**Task**: In the material below, please retype the lines from the very first through the one with "doc.layers.add(name, color=color, linetype=linetype)", exactly and without pictures.
(Beginning of Given data)
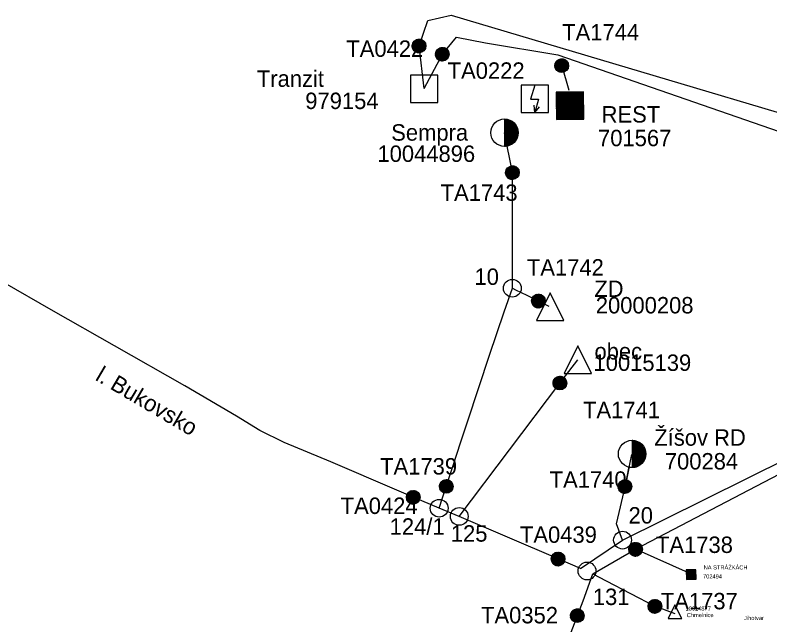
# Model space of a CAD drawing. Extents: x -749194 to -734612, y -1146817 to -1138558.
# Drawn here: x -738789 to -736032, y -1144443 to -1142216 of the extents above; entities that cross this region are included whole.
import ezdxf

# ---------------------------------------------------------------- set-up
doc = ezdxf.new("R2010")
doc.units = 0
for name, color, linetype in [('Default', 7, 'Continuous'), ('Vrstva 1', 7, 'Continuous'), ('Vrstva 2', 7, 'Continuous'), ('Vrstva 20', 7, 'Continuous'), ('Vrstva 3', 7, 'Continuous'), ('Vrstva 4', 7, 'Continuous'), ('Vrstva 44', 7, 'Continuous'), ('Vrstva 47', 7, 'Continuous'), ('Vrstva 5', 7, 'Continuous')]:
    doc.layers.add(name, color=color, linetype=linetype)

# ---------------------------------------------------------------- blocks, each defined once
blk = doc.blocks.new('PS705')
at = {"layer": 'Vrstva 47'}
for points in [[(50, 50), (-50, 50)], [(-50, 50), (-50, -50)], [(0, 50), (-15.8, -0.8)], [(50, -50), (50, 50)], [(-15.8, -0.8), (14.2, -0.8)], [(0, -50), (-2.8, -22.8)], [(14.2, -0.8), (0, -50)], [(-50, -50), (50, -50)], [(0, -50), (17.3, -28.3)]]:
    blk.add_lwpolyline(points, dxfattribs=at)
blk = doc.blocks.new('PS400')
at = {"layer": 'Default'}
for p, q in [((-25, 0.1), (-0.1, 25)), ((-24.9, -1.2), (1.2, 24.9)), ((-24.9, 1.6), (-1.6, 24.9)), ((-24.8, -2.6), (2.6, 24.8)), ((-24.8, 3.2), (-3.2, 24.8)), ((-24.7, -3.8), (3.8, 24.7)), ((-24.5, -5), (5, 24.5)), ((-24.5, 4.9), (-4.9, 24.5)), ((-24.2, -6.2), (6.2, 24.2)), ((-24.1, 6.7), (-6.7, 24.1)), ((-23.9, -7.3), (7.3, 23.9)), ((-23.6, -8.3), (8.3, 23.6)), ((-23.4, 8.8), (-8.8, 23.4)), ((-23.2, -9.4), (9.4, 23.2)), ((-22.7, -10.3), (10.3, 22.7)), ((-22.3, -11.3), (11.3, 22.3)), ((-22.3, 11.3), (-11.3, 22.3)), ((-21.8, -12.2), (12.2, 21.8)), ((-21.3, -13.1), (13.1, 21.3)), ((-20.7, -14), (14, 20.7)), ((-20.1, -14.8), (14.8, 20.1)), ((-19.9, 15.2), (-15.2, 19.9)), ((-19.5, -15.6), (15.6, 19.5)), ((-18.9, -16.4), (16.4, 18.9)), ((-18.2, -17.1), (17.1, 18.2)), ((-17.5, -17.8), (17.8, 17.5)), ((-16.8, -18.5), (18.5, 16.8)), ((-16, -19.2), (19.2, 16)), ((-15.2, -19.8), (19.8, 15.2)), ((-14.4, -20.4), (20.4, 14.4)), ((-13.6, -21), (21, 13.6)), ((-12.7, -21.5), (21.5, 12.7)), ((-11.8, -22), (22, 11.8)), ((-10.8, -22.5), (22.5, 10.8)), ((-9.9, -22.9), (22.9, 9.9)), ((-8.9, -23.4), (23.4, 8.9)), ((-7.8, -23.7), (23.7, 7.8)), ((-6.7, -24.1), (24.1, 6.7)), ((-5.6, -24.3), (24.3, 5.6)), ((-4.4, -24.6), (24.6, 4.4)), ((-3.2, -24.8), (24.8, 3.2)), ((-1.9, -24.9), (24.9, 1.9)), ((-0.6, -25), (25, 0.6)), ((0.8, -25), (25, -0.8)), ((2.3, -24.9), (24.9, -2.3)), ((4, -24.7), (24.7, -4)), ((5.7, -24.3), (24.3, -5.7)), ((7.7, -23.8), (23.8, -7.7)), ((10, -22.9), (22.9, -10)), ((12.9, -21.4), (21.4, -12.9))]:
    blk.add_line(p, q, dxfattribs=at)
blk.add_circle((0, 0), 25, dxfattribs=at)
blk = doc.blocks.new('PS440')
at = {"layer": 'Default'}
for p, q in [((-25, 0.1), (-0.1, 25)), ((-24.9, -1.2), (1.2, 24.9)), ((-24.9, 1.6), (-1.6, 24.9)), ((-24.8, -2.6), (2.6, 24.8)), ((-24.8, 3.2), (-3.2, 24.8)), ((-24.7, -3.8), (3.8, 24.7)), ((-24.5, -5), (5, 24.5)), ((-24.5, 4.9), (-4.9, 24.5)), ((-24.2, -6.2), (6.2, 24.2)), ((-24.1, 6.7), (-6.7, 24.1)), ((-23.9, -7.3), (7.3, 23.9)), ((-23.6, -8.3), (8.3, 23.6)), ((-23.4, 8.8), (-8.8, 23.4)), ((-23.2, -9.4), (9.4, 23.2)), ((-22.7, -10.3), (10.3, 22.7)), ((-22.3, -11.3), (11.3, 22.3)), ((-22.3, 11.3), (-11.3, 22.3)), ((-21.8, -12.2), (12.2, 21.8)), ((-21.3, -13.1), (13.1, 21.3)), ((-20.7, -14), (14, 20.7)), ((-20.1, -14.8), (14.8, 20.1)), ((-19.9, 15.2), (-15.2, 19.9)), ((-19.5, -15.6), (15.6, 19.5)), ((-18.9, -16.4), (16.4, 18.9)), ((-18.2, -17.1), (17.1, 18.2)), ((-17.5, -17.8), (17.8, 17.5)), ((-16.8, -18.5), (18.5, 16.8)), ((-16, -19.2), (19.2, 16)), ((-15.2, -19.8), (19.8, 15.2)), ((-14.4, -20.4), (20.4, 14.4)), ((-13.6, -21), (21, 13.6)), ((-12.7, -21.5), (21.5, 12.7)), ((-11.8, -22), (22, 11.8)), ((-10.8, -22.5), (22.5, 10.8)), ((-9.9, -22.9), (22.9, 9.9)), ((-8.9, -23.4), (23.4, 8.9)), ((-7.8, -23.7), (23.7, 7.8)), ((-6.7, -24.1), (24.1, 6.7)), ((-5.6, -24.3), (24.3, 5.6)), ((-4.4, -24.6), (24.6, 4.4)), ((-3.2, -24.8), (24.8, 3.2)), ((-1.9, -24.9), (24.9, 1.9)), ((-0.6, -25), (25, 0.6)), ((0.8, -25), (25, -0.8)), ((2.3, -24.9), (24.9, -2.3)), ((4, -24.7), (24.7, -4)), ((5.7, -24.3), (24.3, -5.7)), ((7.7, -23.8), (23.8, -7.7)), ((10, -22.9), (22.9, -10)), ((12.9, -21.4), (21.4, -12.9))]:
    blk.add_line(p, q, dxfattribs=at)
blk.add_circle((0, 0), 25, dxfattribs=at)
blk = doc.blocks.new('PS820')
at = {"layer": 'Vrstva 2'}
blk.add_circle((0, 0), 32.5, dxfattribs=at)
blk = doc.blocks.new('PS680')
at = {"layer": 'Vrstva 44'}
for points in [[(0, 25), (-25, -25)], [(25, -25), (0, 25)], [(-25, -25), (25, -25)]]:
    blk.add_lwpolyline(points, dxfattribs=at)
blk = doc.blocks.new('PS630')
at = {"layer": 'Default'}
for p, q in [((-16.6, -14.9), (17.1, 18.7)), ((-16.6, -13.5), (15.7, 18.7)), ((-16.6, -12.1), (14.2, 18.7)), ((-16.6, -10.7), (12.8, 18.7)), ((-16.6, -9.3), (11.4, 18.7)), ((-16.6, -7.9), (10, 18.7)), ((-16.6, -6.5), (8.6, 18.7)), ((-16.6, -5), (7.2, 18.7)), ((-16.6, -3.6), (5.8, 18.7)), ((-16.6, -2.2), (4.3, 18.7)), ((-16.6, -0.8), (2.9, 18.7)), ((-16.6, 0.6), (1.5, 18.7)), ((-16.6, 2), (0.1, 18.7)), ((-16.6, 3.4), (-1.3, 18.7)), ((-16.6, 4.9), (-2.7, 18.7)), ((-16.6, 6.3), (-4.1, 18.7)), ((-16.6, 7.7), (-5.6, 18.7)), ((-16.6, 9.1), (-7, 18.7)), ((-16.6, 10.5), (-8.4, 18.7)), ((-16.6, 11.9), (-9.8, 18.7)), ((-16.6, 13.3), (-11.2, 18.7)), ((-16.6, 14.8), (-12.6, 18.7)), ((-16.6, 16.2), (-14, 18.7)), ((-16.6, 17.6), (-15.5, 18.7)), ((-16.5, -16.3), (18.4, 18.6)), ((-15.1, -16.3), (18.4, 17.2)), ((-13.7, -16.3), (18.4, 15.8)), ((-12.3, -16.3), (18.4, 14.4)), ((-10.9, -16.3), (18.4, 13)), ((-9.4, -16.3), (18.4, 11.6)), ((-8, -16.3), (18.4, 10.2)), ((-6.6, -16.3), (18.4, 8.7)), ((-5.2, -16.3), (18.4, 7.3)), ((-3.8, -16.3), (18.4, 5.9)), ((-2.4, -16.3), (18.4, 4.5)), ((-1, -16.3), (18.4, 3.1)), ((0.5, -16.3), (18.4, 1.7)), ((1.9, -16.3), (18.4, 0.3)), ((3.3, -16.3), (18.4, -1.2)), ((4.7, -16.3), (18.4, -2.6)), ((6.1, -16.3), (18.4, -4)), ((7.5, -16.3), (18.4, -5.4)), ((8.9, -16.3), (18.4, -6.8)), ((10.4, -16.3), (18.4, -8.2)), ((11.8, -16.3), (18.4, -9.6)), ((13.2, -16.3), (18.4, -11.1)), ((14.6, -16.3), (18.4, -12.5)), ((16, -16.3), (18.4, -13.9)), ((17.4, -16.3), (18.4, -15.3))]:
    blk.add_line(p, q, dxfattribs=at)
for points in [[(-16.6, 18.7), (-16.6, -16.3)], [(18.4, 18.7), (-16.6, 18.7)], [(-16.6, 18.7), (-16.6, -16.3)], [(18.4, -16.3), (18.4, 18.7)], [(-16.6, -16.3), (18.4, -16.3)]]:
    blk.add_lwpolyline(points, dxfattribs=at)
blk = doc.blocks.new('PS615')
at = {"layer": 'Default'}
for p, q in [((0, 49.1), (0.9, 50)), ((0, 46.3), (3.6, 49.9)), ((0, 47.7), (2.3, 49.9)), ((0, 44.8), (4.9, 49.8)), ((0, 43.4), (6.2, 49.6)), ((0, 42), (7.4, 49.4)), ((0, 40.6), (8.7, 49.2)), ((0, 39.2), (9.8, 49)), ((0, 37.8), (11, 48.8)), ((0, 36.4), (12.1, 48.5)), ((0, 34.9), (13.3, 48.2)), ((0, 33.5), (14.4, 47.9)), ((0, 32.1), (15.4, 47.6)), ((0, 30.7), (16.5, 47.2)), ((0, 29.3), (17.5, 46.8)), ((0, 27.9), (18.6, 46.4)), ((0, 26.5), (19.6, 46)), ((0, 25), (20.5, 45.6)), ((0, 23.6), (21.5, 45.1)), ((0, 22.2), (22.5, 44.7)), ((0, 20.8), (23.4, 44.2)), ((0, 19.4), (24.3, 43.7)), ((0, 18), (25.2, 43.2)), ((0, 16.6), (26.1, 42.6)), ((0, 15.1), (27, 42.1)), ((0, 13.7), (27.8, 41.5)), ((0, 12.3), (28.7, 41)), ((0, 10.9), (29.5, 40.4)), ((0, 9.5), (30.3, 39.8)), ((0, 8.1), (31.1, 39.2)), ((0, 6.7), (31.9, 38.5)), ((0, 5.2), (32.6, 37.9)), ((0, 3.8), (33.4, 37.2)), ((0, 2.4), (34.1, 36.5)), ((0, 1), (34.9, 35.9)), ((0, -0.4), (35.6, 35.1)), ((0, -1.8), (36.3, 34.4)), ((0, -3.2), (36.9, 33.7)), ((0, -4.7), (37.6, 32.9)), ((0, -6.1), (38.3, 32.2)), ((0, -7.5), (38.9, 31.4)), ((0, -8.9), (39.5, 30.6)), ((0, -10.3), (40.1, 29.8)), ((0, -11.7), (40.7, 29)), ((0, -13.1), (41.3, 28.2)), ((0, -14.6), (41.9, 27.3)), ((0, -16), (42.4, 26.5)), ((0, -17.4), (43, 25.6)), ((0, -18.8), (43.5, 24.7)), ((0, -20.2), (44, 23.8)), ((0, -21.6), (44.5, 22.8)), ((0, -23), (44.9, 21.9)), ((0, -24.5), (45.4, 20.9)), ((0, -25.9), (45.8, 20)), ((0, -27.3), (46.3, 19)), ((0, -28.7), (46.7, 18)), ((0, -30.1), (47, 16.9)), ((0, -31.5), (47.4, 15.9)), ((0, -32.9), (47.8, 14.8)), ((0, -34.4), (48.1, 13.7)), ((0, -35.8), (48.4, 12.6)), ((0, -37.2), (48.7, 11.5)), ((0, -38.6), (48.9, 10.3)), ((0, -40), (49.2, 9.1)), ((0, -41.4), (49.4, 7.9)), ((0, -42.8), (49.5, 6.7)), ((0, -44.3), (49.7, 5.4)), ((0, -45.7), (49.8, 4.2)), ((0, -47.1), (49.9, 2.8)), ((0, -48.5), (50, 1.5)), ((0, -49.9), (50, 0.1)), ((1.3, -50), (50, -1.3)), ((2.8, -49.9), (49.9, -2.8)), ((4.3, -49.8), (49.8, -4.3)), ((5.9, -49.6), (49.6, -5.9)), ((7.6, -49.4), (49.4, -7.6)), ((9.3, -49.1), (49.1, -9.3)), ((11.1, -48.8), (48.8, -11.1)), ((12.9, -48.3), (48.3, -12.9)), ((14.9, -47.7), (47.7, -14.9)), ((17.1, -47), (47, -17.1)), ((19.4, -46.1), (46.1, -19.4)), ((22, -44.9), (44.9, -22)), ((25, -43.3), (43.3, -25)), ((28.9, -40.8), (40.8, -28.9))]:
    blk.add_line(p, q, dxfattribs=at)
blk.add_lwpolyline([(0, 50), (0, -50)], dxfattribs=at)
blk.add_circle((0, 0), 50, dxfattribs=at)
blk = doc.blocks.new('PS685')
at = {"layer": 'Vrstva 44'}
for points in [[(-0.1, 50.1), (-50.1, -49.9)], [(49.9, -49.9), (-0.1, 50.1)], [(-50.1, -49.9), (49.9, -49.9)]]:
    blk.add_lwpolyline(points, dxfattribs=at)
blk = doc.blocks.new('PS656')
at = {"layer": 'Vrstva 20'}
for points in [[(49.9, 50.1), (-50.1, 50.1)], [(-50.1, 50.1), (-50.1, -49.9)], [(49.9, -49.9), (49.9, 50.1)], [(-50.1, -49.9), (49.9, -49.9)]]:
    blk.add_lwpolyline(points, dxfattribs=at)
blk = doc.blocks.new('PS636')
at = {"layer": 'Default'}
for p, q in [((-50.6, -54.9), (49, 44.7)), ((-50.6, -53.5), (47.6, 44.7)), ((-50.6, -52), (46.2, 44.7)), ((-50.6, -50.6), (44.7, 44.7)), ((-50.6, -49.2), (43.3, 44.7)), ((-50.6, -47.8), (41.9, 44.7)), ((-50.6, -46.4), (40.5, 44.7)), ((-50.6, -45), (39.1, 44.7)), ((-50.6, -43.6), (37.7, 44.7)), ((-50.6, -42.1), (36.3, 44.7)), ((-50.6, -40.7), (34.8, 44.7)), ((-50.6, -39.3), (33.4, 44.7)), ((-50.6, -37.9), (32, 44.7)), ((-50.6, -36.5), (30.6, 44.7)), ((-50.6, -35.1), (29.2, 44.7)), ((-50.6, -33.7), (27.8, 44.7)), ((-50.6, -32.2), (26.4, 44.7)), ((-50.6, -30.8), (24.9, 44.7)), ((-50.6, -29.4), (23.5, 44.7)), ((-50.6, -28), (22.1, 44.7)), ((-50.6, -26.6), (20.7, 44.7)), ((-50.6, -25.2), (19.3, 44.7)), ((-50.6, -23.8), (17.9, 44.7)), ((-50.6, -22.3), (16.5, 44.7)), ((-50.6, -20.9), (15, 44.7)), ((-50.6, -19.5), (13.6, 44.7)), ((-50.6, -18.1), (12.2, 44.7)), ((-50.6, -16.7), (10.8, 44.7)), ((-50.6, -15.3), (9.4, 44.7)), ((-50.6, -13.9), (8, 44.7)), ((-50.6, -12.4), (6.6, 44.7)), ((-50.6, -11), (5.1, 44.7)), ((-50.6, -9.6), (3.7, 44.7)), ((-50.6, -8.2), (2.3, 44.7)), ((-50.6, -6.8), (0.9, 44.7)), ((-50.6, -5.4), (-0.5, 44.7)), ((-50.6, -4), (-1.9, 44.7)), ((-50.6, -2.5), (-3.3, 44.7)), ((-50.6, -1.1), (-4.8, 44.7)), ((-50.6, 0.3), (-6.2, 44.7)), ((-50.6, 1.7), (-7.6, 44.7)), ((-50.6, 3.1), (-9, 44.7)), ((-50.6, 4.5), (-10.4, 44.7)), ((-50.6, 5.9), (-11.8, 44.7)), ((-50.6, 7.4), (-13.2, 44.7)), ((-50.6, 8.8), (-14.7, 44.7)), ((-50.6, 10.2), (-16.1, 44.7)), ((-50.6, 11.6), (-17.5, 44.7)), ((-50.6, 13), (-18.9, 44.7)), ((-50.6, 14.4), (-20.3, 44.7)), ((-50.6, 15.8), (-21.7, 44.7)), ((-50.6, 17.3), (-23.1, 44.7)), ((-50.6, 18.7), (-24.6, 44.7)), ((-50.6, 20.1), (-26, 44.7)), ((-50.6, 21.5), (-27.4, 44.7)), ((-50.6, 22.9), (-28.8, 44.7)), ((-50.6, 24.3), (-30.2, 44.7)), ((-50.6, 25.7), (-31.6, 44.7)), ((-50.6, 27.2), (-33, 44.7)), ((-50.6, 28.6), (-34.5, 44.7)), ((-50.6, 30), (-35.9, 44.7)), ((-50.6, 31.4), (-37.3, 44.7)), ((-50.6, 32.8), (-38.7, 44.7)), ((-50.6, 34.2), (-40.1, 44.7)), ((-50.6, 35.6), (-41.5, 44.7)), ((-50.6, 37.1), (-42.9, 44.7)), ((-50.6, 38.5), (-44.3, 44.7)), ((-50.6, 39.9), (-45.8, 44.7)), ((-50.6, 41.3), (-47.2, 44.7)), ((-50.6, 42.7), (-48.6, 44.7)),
(End of Given data)
**Solution for this task**:
# Model space of a CAD drawing. Extents: x -749194 to -734612, y -1146817 to -1138558.
# Drawn here: x -738789 to -736032, y -1144443 to -1142216 of the extents above; entities that cross this region are included whole.
import ezdxf

# ---------------------------------------------------------------- set-up
doc = ezdxf.new("R2010")
doc.units = 0
for name, color, linetype in [('Default', 7, 'Continuous'), ('Vrstva 1', 7, 'Continuous'), ('Vrstva 2', 7, 'Continuous'), ('Vrstva 20', 7, 'Continuous'), ('Vrstva 3', 7, 'Continuous'), ('Vrstva 4', 7, 'Continuous'), ('Vrstva 44', 7, 'Continuous'), ('Vrstva 47', 7, 'Continuous'), ('Vrstva 5', 7, 'Continuous')]:
    doc.layers.add(name, color=color, linetype=linetype)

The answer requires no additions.